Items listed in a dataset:
* * * * * * *
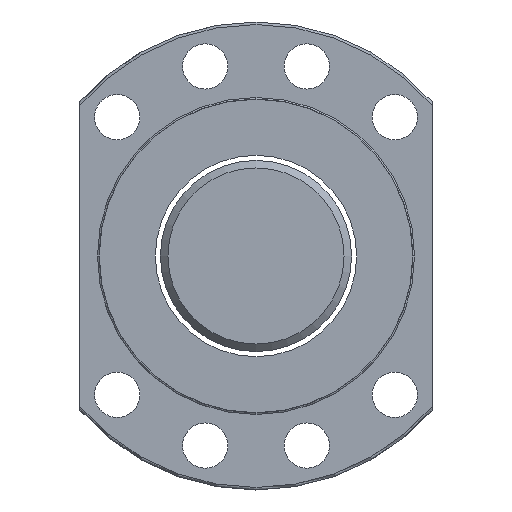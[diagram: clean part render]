
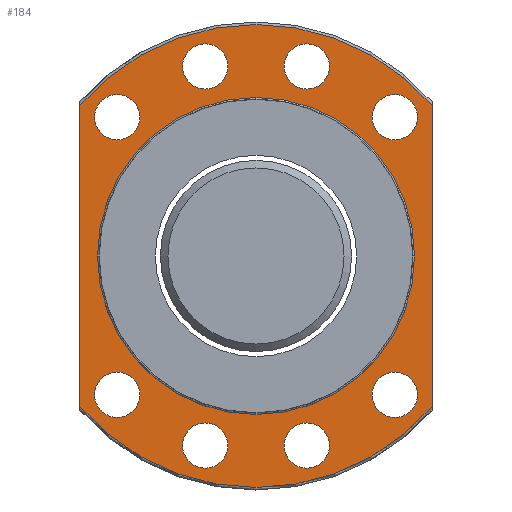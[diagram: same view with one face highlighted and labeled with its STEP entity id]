
A CAD part, left-side view. The second image highlights one B-rep face of the part: STEP entity #184.
In plain terms, the highlighted planar face has unit normal (-1, 0, 0).
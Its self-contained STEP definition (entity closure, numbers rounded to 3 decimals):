
#99=LINE('',#1278,#107);
#100=LINE('',#1279,#108);
#107=VECTOR('',#961,1.);
#108=VECTOR('',#962,1.);
#184=ADVANCED_FACE('',(#239,#279,#280,#281,#282,#283,#284,#285,#286,#287),
#219,.T.);
#219=PLANE('',#820);
#239=FACE_OUTER_BOUND('',#369,.T.);
#279=FACE_BOUND('',#370,.T.);
#280=FACE_BOUND('',#371,.T.);
#281=FACE_BOUND('',#372,.T.);
#282=FACE_BOUND('',#373,.T.);
#283=FACE_BOUND('',#374,.T.);
#284=FACE_BOUND('',#375,.T.);
#285=FACE_BOUND('',#376,.T.);
#286=FACE_BOUND('',#377,.T.);
#287=FACE_BOUND('',#378,.T.);
#369=EDGE_LOOP('',(#485,#486,#487,#488));
#370=EDGE_LOOP('',(#489));
#371=EDGE_LOOP('',(#490));
#372=EDGE_LOOP('',(#491));
#373=EDGE_LOOP('',(#492));
#374=EDGE_LOOP('',(#493));
#375=EDGE_LOOP('',(#494));
#376=EDGE_LOOP('',(#495));
#377=EDGE_LOOP('',(#496));
#378=EDGE_LOOP('',(#497));
#485=ORIENTED_EDGE('',*,*,#672,.F.);
#486=ORIENTED_EDGE('',*,*,#661,.F.);
#487=ORIENTED_EDGE('',*,*,#673,.T.);
#488=ORIENTED_EDGE('',*,*,#669,.F.);
#489=ORIENTED_EDGE('',*,*,#674,.T.);
#490=ORIENTED_EDGE('',*,*,#675,.F.);
#491=ORIENTED_EDGE('',*,*,#676,.F.);
#492=ORIENTED_EDGE('',*,*,#677,.F.);
#493=ORIENTED_EDGE('',*,*,#678,.F.);
#494=ORIENTED_EDGE('',*,*,#679,.F.);
#495=ORIENTED_EDGE('',*,*,#680,.F.);
#496=ORIENTED_EDGE('',*,*,#681,.F.);
#497=ORIENTED_EDGE('',*,*,#682,.F.);
#596=VERTEX_POINT('',#1160);
#598=VERTEX_POINT('',#1182);
#603=VERTEX_POINT('',#1252);
#605=VERTEX_POINT('',#1255);
#607=VERTEX_POINT('',#1281);
#608=VERTEX_POINT('',#1283);
#609=VERTEX_POINT('',#1285);
#610=VERTEX_POINT('',#1287);
#611=VERTEX_POINT('',#1289);
#612=VERTEX_POINT('',#1291);
#613=VERTEX_POINT('',#1293);
#614=VERTEX_POINT('',#1295);
#615=VERTEX_POINT('',#1297);
#661=EDGE_CURVE('',#598,#596,#730,.T.);
#669=EDGE_CURVE('',#603,#605,#733,.T.);
#672=EDGE_CURVE('',#596,#603,#99,.T.);
#673=EDGE_CURVE('',#598,#605,#100,.T.);
#674=EDGE_CURVE('',#607,#607,#735,.T.);
#675=EDGE_CURVE('',#608,#608,#736,.T.);
#676=EDGE_CURVE('',#609,#609,#737,.T.);
#677=EDGE_CURVE('',#610,#610,#738,.T.);
#678=EDGE_CURVE('',#611,#611,#739,.T.);
#679=EDGE_CURVE('',#612,#612,#740,.T.);
#680=EDGE_CURVE('',#613,#613,#741,.T.);
#681=EDGE_CURVE('',#614,#614,#742,.T.);
#682=EDGE_CURVE('',#615,#615,#743,.T.);
#730=CIRCLE('',#802,46.);
#733=CIRCLE('',#808,46.);
#735=CIRCLE('',#811,31.5);
#736=CIRCLE('',#812,4.5);
#737=CIRCLE('',#813,4.5);
#738=CIRCLE('',#814,4.5);
#739=CIRCLE('',#815,4.5);
#740=CIRCLE('',#816,4.5);
#741=CIRCLE('',#817,4.5);
#742=CIRCLE('',#818,4.5);
#743=CIRCLE('',#819,4.5);
#802=AXIS2_PLACEMENT_3D('',#1183,#941,#942);
#808=AXIS2_PLACEMENT_3D('',#1254,#955,#956);
#811=AXIS2_PLACEMENT_3D('',#1280,#963,#964);
#812=AXIS2_PLACEMENT_3D('',#1282,#965,#966);
#813=AXIS2_PLACEMENT_3D('',#1284,#967,#968);
#814=AXIS2_PLACEMENT_3D('',#1286,#969,#970);
#815=AXIS2_PLACEMENT_3D('',#1288,#971,#972);
#816=AXIS2_PLACEMENT_3D('',#1290,#973,#974);
#817=AXIS2_PLACEMENT_3D('',#1292,#975,#976);
#818=AXIS2_PLACEMENT_3D('',#1294,#977,#978);
#819=AXIS2_PLACEMENT_3D('',#1296,#979,#980);
#820=AXIS2_PLACEMENT_3D('',#1298,#981,#982);
#941=DIRECTION('',(1.,0.,0.));
#942=DIRECTION('',(0.,1.,0.));
#955=DIRECTION('',(1.,0.,0.));
#956=DIRECTION('',(0.,1.,0.));
#961=DIRECTION('',(0.,0.,1.));
#962=DIRECTION('',(0.,0.,1.));
#963=DIRECTION('',(1.,0.,0.));
#964=DIRECTION('',(0.,1.,0.));
#965=DIRECTION('',(-1.,0.,0.));
#966=DIRECTION('',(0.,-1.,0.));
#967=DIRECTION('',(-1.,0.,0.));
#968=DIRECTION('',(0.,-1.,0.));
#969=DIRECTION('',(-1.,0.,0.));
#970=DIRECTION('',(0.,-1.,0.));
#971=DIRECTION('',(-1.,0.,0.));
#972=DIRECTION('',(0.,-1.,0.));
#973=DIRECTION('',(-1.,0.,0.));
#974=DIRECTION('',(0.,-1.,0.));
#975=DIRECTION('',(-1.,0.,0.));
#976=DIRECTION('',(0.,-1.,0.));
#977=DIRECTION('',(-1.,0.,0.));
#978=DIRECTION('',(0.,-1.,0.));
#979=DIRECTION('',(-1.,0.,0.));
#980=DIRECTION('',(0.,-1.,0.));
#981=DIRECTION('',(-1.,0.,0.));
#982=DIRECTION('',(0.,-1.,0.));
#1160=CARTESIAN_POINT('',(-29.,35.,-29.85));
#1182=CARTESIAN_POINT('',(-29.,-35.,-29.85));
#1183=CARTESIAN_POINT('',(-29.,0.,0.));
#1252=CARTESIAN_POINT('',(-29.,35.,29.85));
#1254=CARTESIAN_POINT('',(-29.,0.,0.));
#1255=CARTESIAN_POINT('',(-29.,-35.,29.85));
#1278=CARTESIAN_POINT('',(-29.,35.,0.));
#1279=CARTESIAN_POINT('',(-29.,-35.,0.));
#1280=CARTESIAN_POINT('',(-29.,0.,0.));
#1281=CARTESIAN_POINT('',(-29.,31.5,0.));
#1282=CARTESIAN_POINT('',(-29.,10.094,37.671));
#1283=CARTESIAN_POINT('',(-29.,5.594,37.671));
#1284=CARTESIAN_POINT('',(-29.,-10.094,37.671));
#1285=CARTESIAN_POINT('',(-29.,-14.594,37.671));
#1286=CARTESIAN_POINT('',(-29.,-10.094,-37.671));
#1287=CARTESIAN_POINT('',(-29.,-14.594,-37.671));
#1288=CARTESIAN_POINT('',(-29.,10.094,-37.671));
#1289=CARTESIAN_POINT('',(-29.,5.594,-37.671));
#1290=CARTESIAN_POINT('',(-29.,-27.577,27.577));
#1291=CARTESIAN_POINT('',(-29.,-32.077,27.577));
#1292=CARTESIAN_POINT('',(-29.,27.577,27.577));
#1293=CARTESIAN_POINT('',(-29.,23.077,27.577));
#1294=CARTESIAN_POINT('',(-29.,-27.577,-27.577));
#1295=CARTESIAN_POINT('',(-29.,-32.077,-27.577));
#1296=CARTESIAN_POINT('',(-29.,27.577,-27.577));
#1297=CARTESIAN_POINT('',(-29.,23.077,-27.577));
#1298=CARTESIAN_POINT('',(-29.,38.75,0.));
* * * * * * *
Task brief — The required answer is the line with "#1160=CARTESIAN_POINT('',(-29.,35.,-29.85));" plus every line after it to the end of the entries above, transcribed exactly.

Solved exercise —
#1160=CARTESIAN_POINT('',(-29.,35.,-29.85));
#1182=CARTESIAN_POINT('',(-29.,-35.,-29.85));
#1183=CARTESIAN_POINT('',(-29.,0.,0.));
#1252=CARTESIAN_POINT('',(-29.,35.,29.85));
#1254=CARTESIAN_POINT('',(-29.,0.,0.));
#1255=CARTESIAN_POINT('',(-29.,-35.,29.85));
#1278=CARTESIAN_POINT('',(-29.,35.,0.));
#1279=CARTESIAN_POINT('',(-29.,-35.,0.));
#1280=CARTESIAN_POINT('',(-29.,0.,0.));
#1281=CARTESIAN_POINT('',(-29.,31.5,0.));
#1282=CARTESIAN_POINT('',(-29.,10.094,37.671));
#1283=CARTESIAN_POINT('',(-29.,5.594,37.671));
#1284=CARTESIAN_POINT('',(-29.,-10.094,37.671));
#1285=CARTESIAN_POINT('',(-29.,-14.594,37.671));
#1286=CARTESIAN_POINT('',(-29.,-10.094,-37.671));
#1287=CARTESIAN_POINT('',(-29.,-14.594,-37.671));
#1288=CARTESIAN_POINT('',(-29.,10.094,-37.671));
#1289=CARTESIAN_POINT('',(-29.,5.594,-37.671));
#1290=CARTESIAN_POINT('',(-29.,-27.577,27.577));
#1291=CARTESIAN_POINT('',(-29.,-32.077,27.577));
#1292=CARTESIAN_POINT('',(-29.,27.577,27.577));
#1293=CARTESIAN_POINT('',(-29.,23.077,27.577));
#1294=CARTESIAN_POINT('',(-29.,-27.577,-27.577));
#1295=CARTESIAN_POINT('',(-29.,-32.077,-27.577));
#1296=CARTESIAN_POINT('',(-29.,27.577,-27.577));
#1297=CARTESIAN_POINT('',(-29.,23.077,-27.577));
#1298=CARTESIAN_POINT('',(-29.,38.75,0.));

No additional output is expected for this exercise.